## What is required
Leave the pictures out and write out exactly the lines from the top of the entries through the line containing "FILE_DESCRIPTION (( 'STEP AP214' ), '1' );".

[Source records]

-.-.-

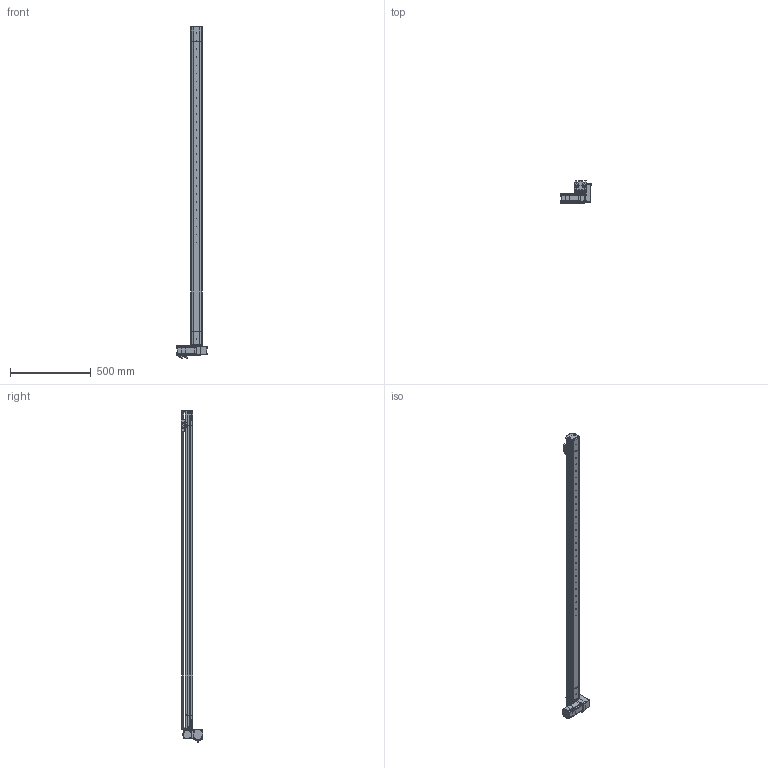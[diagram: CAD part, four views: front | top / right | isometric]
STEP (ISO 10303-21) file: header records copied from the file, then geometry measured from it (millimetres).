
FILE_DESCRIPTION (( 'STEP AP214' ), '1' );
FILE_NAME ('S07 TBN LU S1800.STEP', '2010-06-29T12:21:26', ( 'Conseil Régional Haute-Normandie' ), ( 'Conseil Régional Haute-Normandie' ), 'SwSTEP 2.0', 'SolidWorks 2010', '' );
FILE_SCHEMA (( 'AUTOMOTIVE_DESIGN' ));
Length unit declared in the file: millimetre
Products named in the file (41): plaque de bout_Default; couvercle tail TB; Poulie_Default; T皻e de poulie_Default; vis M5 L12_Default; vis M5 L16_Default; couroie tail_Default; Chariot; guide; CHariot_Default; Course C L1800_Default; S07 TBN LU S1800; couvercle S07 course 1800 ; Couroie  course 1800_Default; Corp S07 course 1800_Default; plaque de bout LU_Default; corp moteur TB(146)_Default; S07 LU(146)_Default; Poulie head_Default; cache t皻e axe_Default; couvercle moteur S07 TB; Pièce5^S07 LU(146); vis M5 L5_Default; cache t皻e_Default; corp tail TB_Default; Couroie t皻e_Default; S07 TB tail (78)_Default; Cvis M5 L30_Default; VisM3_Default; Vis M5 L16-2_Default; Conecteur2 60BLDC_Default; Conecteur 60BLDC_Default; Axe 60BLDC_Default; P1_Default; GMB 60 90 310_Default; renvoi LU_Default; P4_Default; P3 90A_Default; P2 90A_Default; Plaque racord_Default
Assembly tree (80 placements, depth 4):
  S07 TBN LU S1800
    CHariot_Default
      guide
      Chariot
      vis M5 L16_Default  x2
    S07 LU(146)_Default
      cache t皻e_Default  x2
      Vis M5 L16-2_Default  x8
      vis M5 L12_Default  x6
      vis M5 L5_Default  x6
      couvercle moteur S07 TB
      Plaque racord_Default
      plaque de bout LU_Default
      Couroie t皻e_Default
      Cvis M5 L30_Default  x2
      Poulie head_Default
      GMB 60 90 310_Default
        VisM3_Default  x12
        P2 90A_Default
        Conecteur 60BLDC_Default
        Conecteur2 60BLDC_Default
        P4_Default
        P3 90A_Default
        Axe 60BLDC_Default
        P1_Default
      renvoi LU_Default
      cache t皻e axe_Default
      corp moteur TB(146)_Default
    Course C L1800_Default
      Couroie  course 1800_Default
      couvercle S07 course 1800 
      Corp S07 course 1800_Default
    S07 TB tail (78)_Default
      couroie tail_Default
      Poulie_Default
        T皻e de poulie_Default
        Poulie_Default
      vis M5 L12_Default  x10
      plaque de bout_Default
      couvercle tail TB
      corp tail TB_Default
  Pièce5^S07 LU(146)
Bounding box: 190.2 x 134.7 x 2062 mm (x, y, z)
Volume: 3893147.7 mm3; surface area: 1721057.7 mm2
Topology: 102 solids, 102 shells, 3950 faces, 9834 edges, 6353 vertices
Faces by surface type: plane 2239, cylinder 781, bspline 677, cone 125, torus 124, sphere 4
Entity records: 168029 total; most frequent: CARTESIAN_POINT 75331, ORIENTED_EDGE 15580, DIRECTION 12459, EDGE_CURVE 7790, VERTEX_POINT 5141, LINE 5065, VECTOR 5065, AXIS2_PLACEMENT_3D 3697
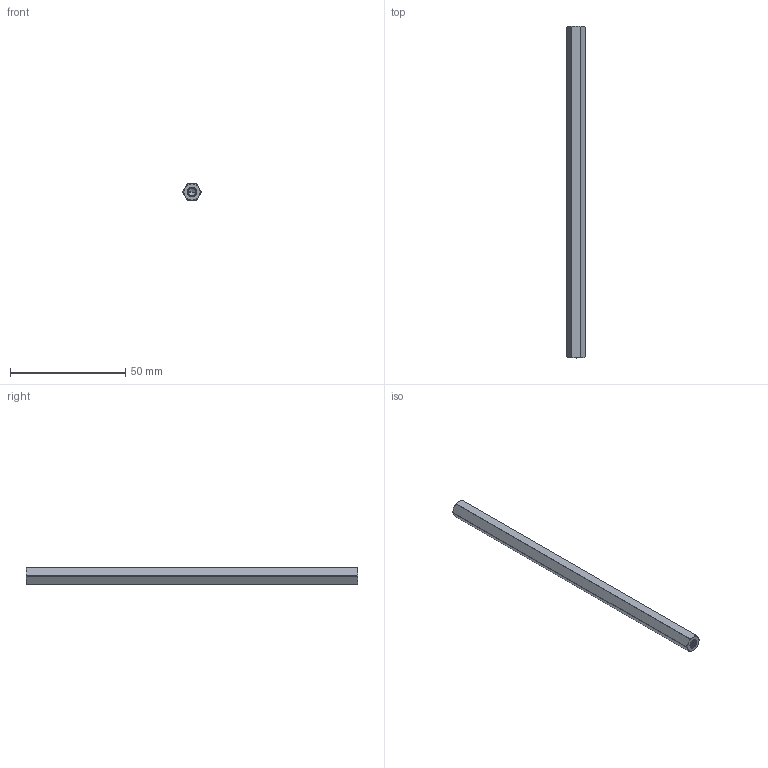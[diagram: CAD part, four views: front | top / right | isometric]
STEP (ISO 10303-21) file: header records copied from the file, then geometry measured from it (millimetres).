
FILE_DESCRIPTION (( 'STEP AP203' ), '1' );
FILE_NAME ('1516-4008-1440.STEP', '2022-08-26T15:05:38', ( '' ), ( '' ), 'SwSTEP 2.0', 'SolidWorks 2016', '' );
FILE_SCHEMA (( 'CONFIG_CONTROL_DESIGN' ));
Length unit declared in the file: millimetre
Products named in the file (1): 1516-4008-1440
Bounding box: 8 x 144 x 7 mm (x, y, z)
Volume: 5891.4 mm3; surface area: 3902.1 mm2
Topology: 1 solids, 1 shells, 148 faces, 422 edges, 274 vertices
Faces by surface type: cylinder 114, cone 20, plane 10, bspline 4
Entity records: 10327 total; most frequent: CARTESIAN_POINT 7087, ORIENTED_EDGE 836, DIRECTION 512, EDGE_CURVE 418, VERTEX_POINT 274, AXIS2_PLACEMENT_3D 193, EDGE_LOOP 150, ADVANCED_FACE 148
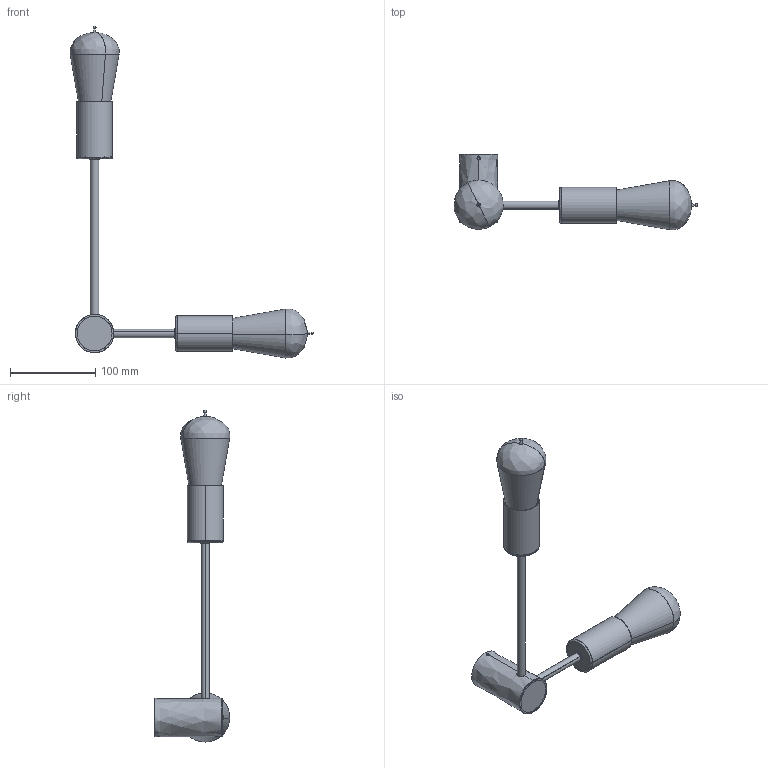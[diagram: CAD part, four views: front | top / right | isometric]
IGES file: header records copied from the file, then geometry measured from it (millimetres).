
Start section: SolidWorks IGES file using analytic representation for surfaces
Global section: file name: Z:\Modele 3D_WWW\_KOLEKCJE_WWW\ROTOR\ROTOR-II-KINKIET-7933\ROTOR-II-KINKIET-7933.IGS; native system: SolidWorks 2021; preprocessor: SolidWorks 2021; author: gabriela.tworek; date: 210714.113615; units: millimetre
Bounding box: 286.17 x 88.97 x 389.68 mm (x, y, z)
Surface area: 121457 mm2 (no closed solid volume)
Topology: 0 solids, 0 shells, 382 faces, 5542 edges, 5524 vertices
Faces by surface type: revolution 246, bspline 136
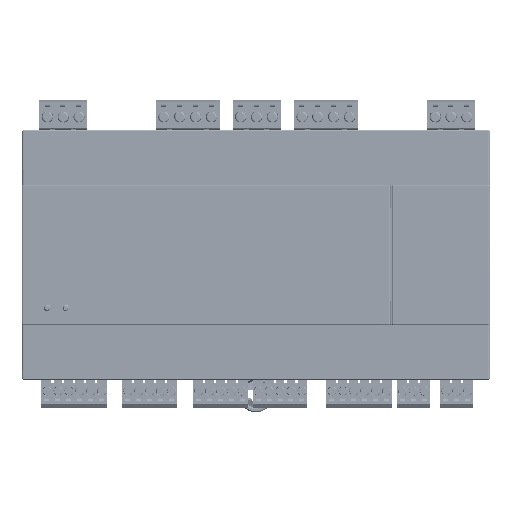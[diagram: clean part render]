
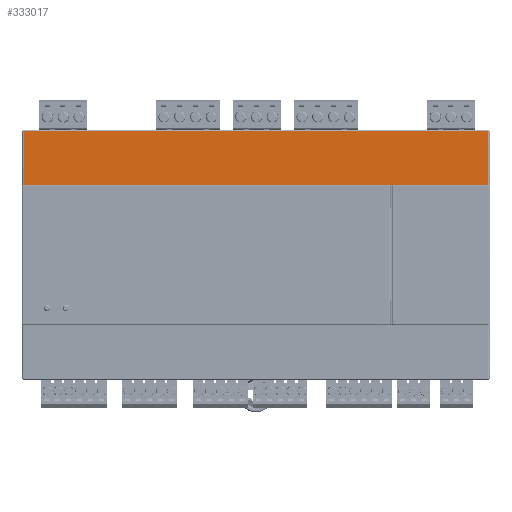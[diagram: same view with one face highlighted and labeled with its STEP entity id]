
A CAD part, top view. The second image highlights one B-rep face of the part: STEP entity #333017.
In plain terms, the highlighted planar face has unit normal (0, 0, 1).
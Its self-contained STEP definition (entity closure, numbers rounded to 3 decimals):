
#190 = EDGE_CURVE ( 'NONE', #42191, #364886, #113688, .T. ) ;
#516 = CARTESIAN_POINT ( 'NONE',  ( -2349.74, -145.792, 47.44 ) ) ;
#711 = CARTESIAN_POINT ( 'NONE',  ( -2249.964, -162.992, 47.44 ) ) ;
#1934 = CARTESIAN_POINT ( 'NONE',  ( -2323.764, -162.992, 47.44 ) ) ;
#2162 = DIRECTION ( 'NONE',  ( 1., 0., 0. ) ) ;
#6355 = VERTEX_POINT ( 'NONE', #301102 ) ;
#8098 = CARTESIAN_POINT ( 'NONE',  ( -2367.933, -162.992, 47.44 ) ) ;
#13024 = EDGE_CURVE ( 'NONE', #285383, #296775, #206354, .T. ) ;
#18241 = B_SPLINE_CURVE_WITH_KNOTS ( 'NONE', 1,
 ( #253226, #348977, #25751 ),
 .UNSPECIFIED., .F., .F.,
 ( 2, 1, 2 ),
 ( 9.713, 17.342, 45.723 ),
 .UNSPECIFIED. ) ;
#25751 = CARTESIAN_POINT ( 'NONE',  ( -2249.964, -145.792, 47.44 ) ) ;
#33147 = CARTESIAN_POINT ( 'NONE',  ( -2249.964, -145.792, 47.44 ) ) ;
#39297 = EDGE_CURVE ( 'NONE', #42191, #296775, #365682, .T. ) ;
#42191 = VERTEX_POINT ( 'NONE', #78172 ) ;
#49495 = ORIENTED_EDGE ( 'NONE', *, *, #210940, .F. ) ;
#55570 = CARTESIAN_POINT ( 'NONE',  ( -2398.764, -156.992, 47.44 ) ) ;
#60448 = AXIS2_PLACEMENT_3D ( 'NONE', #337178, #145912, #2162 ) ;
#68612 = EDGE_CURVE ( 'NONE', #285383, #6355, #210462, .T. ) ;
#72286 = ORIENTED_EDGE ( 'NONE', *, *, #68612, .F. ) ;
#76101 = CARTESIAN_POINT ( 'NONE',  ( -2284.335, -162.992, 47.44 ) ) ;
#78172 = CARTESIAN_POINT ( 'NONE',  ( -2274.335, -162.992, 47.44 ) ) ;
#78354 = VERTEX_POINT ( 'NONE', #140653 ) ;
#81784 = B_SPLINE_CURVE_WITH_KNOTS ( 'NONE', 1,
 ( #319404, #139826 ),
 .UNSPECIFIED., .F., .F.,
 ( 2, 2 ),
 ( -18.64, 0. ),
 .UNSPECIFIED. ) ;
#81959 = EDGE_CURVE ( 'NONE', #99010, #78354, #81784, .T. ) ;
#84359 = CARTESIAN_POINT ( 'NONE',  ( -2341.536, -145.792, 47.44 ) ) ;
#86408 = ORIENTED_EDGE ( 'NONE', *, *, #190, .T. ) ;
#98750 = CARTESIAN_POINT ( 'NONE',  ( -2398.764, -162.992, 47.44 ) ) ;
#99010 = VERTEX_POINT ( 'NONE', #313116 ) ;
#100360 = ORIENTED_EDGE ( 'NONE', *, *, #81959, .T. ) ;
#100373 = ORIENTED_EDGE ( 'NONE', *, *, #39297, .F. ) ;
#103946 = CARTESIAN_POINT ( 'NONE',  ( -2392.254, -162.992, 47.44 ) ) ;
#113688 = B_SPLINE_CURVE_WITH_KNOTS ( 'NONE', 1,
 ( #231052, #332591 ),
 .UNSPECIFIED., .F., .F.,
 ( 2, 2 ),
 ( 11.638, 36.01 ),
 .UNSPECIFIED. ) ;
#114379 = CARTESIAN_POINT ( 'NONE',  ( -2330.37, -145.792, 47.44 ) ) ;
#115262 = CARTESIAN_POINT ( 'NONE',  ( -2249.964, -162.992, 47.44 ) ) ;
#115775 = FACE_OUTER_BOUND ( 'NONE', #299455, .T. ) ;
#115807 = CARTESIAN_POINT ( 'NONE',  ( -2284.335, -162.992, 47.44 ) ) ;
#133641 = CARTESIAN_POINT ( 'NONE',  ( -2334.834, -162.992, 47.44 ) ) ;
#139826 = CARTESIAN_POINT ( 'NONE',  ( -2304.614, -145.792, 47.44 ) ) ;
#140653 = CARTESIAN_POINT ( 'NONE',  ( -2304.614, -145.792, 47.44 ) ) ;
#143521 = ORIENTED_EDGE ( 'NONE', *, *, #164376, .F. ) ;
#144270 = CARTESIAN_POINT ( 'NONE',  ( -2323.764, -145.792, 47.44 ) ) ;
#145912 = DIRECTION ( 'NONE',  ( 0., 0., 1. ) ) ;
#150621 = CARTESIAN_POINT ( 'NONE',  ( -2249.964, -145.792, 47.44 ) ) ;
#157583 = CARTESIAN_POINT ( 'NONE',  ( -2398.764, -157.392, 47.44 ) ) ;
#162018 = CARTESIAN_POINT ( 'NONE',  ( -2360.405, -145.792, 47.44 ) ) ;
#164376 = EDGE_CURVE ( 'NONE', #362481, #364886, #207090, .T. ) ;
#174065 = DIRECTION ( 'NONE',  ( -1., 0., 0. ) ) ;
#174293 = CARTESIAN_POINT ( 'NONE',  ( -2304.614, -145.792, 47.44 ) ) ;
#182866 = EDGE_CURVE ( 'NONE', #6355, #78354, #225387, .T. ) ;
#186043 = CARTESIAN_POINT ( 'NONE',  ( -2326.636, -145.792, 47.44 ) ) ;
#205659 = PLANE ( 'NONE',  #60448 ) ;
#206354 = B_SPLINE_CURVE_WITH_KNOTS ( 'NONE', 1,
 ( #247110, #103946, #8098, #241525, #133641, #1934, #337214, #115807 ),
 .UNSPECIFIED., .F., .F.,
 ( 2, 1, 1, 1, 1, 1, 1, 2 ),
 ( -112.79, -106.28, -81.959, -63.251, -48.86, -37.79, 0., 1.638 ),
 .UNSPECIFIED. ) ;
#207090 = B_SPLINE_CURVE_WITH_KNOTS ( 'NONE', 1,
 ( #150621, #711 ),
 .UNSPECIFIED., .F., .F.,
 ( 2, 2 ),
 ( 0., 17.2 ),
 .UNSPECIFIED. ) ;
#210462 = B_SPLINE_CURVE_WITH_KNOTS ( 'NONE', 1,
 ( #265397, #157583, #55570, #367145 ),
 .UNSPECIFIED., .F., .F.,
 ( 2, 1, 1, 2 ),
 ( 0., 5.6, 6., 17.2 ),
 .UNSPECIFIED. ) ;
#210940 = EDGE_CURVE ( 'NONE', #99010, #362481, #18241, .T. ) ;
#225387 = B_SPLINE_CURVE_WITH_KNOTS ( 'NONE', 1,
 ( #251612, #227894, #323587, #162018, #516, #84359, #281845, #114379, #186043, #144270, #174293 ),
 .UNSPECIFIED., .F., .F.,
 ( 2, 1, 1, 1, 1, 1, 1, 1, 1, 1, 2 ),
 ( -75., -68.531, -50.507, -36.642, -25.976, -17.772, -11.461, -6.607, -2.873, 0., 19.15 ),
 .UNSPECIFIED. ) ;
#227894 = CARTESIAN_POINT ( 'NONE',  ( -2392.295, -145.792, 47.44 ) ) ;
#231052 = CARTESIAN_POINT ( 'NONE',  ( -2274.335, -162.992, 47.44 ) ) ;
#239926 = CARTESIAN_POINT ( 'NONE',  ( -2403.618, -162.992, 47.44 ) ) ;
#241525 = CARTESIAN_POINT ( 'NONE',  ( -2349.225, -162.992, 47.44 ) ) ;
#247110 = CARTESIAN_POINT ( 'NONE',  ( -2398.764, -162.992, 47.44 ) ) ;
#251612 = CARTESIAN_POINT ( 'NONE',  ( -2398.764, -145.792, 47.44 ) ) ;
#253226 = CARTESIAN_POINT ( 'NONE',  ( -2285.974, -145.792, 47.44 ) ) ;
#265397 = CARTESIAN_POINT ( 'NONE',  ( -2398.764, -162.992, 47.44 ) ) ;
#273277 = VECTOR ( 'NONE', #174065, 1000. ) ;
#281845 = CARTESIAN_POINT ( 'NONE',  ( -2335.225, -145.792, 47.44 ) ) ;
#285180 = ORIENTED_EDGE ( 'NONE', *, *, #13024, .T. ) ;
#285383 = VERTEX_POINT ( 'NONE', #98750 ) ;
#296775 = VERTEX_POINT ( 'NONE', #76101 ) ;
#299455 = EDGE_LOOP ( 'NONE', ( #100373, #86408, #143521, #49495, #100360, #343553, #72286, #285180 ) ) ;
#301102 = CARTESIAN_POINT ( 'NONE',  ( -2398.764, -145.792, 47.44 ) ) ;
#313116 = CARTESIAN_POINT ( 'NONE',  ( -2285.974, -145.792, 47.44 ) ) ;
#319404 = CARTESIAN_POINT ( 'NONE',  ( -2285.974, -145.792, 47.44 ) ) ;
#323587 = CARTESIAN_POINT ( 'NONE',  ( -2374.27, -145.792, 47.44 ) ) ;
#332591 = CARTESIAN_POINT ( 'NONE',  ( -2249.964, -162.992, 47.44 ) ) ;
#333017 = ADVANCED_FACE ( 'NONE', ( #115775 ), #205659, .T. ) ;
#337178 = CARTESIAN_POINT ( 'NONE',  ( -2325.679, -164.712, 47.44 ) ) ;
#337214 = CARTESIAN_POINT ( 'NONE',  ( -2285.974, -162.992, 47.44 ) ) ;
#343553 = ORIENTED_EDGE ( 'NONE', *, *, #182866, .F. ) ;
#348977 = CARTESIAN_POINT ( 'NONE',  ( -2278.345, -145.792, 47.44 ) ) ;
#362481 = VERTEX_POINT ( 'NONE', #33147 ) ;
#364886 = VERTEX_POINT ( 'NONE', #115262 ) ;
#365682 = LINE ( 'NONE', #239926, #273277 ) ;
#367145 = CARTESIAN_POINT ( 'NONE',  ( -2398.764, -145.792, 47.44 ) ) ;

-.-.-

## The answer
[diagram: CAD part, four views: front | top / right | isometric]
STEP (ISO 10303-21) file: header records copied from the file, then geometry measured from it (millimetres).
FILE_DESCRIPTION (( 'STEP AP214' ), '1' );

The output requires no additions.